Les capybaras sont également coprophage, un comportement alimentaire qui consiste à ingérer leurs propres excréments pour digérer une deuxième fois les aliments. Ce processus est essentiel pour extraire un maximum de nutriments des fibres végétales, qui sont difficiles à digérer lors du premier passage. La coprophage leur permet de tirer profit des nutriments produits par la fermentation bactérienne dans leur intestin et d'optimiser l'absorption des vitamines et des minéraux. Pour trouver de la nourriture, le capybara utilise son odorat très développé, ainsi que sa vue et son ouïe. Il passe la majeure partie de la journée à se nourrir, souvent en groupe pour des raisons de sécurité.
Leur système digestif est complexe et adapté à un régime riche en cellulose. En mangeant, ils jouent un rôle écologique important en contrôlant la croissance de certaines plantes, et ils peuvent même contribuer à la dispersion des graines, favorisant ainsi la biodiversité de leur écosystème. Leur consommation d'eau est également élevée, et ils se désaltèrent souvent pendant qu'ils se nourrissent.

Crédit photo: Frank Thomas Sautter

La reproduction chez le capybara est un processus saisonnier qui est fortement influencé par la disponibilité de l'eau et de la nourriture. La période de reproduction a lieu principalement pendant la saison des pluies, où les ressources sont abondantes. Cependant, dans les régions où les conditions environnementales sont stables et favorables tout au long de l'année, ils peuvent se reproduire à tout moment. La maturité sexuelle est atteinte vers l'âge de 15 mois. La femelle est polyestrale, ce qui signifie qu'elle peut entrer en chaleur plusieurs fois par an, généralement toutes les 3 à 4 semaines, si les conditions le permettent. Lors de la parade nuptiale, le mâle poursuit la femelle dans l'eau, et l'accouplement a lieu dans un environnement aquatique. C'est une caractéristique unique de cette espèce.
Après une période de gestation d'environ 150 jours, la femelle donne naissance à une portée de 2 à 8 petits, bien que le nombre moyen soit de 4. La mise bas se déroule sur terre, dans un endroit protégé par la végétation dense.
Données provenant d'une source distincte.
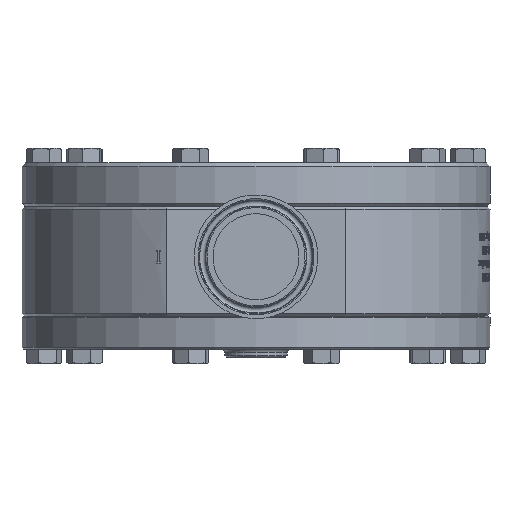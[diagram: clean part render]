
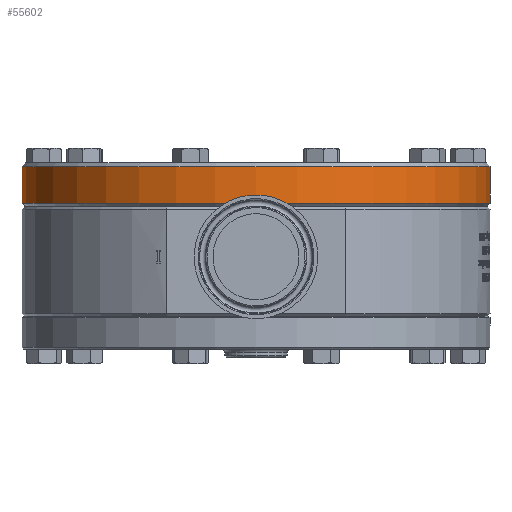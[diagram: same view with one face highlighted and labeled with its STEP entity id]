
A CAD part, left-side view. The second image highlights one B-rep face of the part: STEP entity #55602.
In plain terms, the highlighted cylindrical face has radius 95.25 mm (diameter 190.5 mm), a full revolution.
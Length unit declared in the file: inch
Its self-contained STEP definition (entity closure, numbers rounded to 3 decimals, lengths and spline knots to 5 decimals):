
#5045=LINE('',#109769,#9747);
#9747=VECTOR('',#65099,3.75);
#13686=CIRCLE('',#58978,3.75);
#13687=CIRCLE('',#58979,3.75);
#13689=CIRCLE('',#58983,3.75);
#13690=CIRCLE('',#58984,3.75);
#15502=FACE_OUTER_BOUND('',#18816,.T.);
#18816=EDGE_LOOP('',(#43848,#43849,#43850,#43851,#43852,#43853));
#25383=VERTEX_POINT('',#109728);
#25384=VERTEX_POINT('',#109729);
#25390=VERTEX_POINT('',#109765);
#25391=VERTEX_POINT('',#109766);
#32046=EDGE_CURVE('',#25383,#25384,#13686,.T.);
#32047=EDGE_CURVE('',#25384,#25383,#13687,.T.);
#32054=EDGE_CURVE('',#25390,#25391,#13689,.T.);
#32055=EDGE_CURVE('',#25391,#25390,#13690,.T.);
#32056=EDGE_CURVE('',#25391,#25384,#5045,.T.);
#43848=ORIENTED_EDGE('',*,*,#32054,.F.);
#43849=ORIENTED_EDGE('',*,*,#32055,.F.);
#43850=ORIENTED_EDGE('',*,*,#32056,.T.);
#43851=ORIENTED_EDGE('',*,*,#32046,.F.);
#43852=ORIENTED_EDGE('',*,*,#32047,.F.);
#43853=ORIENTED_EDGE('',*,*,#32056,.F.);
#54294=CYLINDRICAL_SURFACE('',#58982,3.75);
#55602=ADVANCED_FACE('',(#15502),#54294,.T.);
#58978=AXIS2_PLACEMENT_3D('',#109730,#65084,#65085);
#58979=AXIS2_PLACEMENT_3D('',#109731,#65086,#65087);
#58982=AXIS2_PLACEMENT_3D('',#109764,#65093,#65094);
#58983=AXIS2_PLACEMENT_3D('',#109767,#65095,#65096);
#58984=AXIS2_PLACEMENT_3D('',#109768,#65097,#65098);
#65084=DIRECTION('center_axis',(0.,0.,
-1.));
#65085=DIRECTION('ref_axis',(0.,-1.,0.));
#65086=DIRECTION('center_axis',(0.,0.,
-1.));
#65087=DIRECTION('ref_axis',(0.,-1.,0.));
#65093=DIRECTION('center_axis',(0.,0.,
1.));
#65094=DIRECTION('ref_axis',(0.,1.,0.));
#65095=DIRECTION('center_axis',(0.,0.,
1.));
#65096=DIRECTION('ref_axis',(0.,-1.,0.));
#65097=DIRECTION('center_axis',(0.,0.,
1.));
#65098=DIRECTION('ref_axis',(0.,-1.,0.));
#65099=DIRECTION('',(0.,0.,-1.));
#109728=CARTESIAN_POINT('',(0.,3.75,0.86));
#109729=CARTESIAN_POINT('',(0.,-3.75,0.86));
#109730=CARTESIAN_POINT('Origin',(0.,0.,
0.86));
#109731=CARTESIAN_POINT('Origin',(0.,0.,
0.86));
#109764=CARTESIAN_POINT('Origin',(0.,0.,
1.1525));
#109765=CARTESIAN_POINT('',(0.,3.75,1.445));
#109766=CARTESIAN_POINT('',(0.,-3.75,1.445));
#109767=CARTESIAN_POINT('Origin',(0.,0.,
1.445));
#109768=CARTESIAN_POINT('Origin',(0.,0.,
1.445));
#109769=CARTESIAN_POINT('',(0.,-3.75,1.1525));
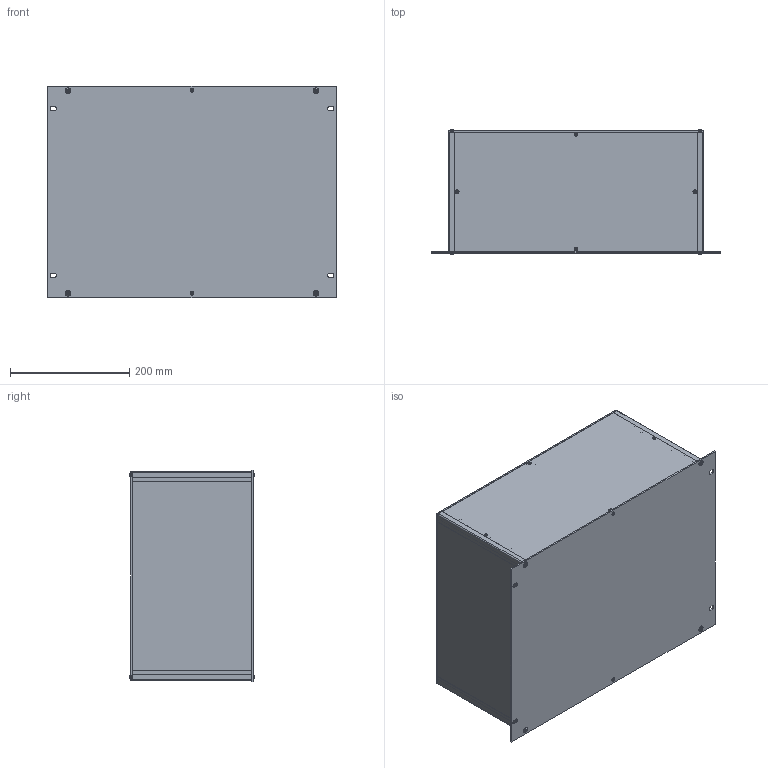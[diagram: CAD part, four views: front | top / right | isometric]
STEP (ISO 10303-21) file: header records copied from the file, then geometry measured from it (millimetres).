
FILE_DESCRIPTION(/* description */ (''),/* implementation_level */ '2;1');
FILE_NAME(/* name */ '//diskstation/Kunden/Gehäuse/Gehäuse/8HE/step/19 Zoll 8HE Rack Gehäuse Tiefe-200.step',/* time_stamp */ '2022-02-17T17:17:45+01:00',/* author */ (''),/* organization */ (''),/* preprocessor_version */ 'ST-DEVELOPER v18.1',/* originating_system */ 'Autodesk Translation Framework v10.10.0.1391',/* authorisation */ '');
FILE_SCHEMA (('AUTOMOTIVE_DESIGN { 1 0 10303 214 3 1 1 }'));
Length unit declared in the file: millimetre
Products named in the file (28): 8HE Gehäuse mit parametern; Gehäuse; Gehäuseprofil 1 unten links; Gehäuseprofil 2 oben rechts; Gehäuseprofil 1 unten rechts; Gehäuseprofil 2 oben links; Rückplatte; Deckel; Seitenteil links; Seitenteil rechts; Bodenplatte; Montageklotz Front/Deckel; Montageklotz Front/Boden; Montageklotz Rück/Deckel; Montageklotz Rück/Boden; Gewindestreifen; Frontplatte; Schrauben M5; Schraube Front; Schraube Front (1); Schraube Front (2); Schraube Front (3); Schraube Rück (1); Schraube Rück; Schraube Rück (2); Schraube Rück (3); Schrauben M3; HI_Senkschraube DIN 965 A v2 M3x5 24677.030.005(High)
Assembly tree (37 placements, depth 3):
  8HE Gehäuse mit parametern
    Gehäuse
      Gehäuseprofil 1 unten links
      Gehäuseprofil 2 oben rechts
      Gehäuseprofil 1 unten rechts
      Gehäuseprofil 2 oben links
      Rückplatte
      Deckel
      Seitenteil links
      Seitenteil rechts
      Bodenplatte
      Montageklotz Front/Deckel
      Montageklotz Front/Boden
      Montageklotz Rück/Deckel
      Montageklotz Rück/Boden
      Gewindestreifen  x2
    Frontplatte
    Schrauben M5
      Schraube Front
      Schraube Front (1)
      Schraube Front (2)
      Schraube Front (3)
      Schraube Rück (1)
      Schraube Rück
      Schraube Rück (2)
      Schraube Rück (3)
    Schrauben M3
      HI_Senkschraube DIN 965 A v2 M3x5 24677.030.005(High)  x10
Bounding box: 483 x 208.2 x 354.8 mm (x, y, z)
Volume: 1578551 mm3; surface area: 1334313.3 mm2
Topology: 34 solids, 34 shells, 834 faces, 2016 edges, 1250 vertices
Faces by surface type: plane 342, cylinder 312, cone 164, torus 8, bspline 8
Full cylindrical faces by diameter (mm): 2.529 x70, 3 x10, 3.2 x10, 4.234 x40, 5 x8, 5.2 x4, 5.3 x8, 5.6 x10, 9.5 x8
Entity records: 16455 total; most frequent: CARTESIAN_POINT 3018, DIRECTION 2750, ORIENTED_EDGE 2430, EDGE_CURVE 1215, AXIS2_PLACEMENT_3D 1030, VERTEX_POINT 758, EDGE_LOOP 701, LINE 690

Les nouveau-nés sont très développés à la naissance : ils ont déjà de la fourrure, des dents et sont capables de se déplacer et de suivre leur mère peu de temps après. Les petits sont allaités pendant plusieurs mois, mais ils peuvent commencer à manger de l'herbe presque immédiatement, ce qui est essentiel pour leur survie. Les femelles élèvent souvent leurs petits dans un groupe commun, et il n'est pas rare de voir les jeunes allaités par des mères autres que la leur, ce qui renforce les liens sociaux au sein de la colonie.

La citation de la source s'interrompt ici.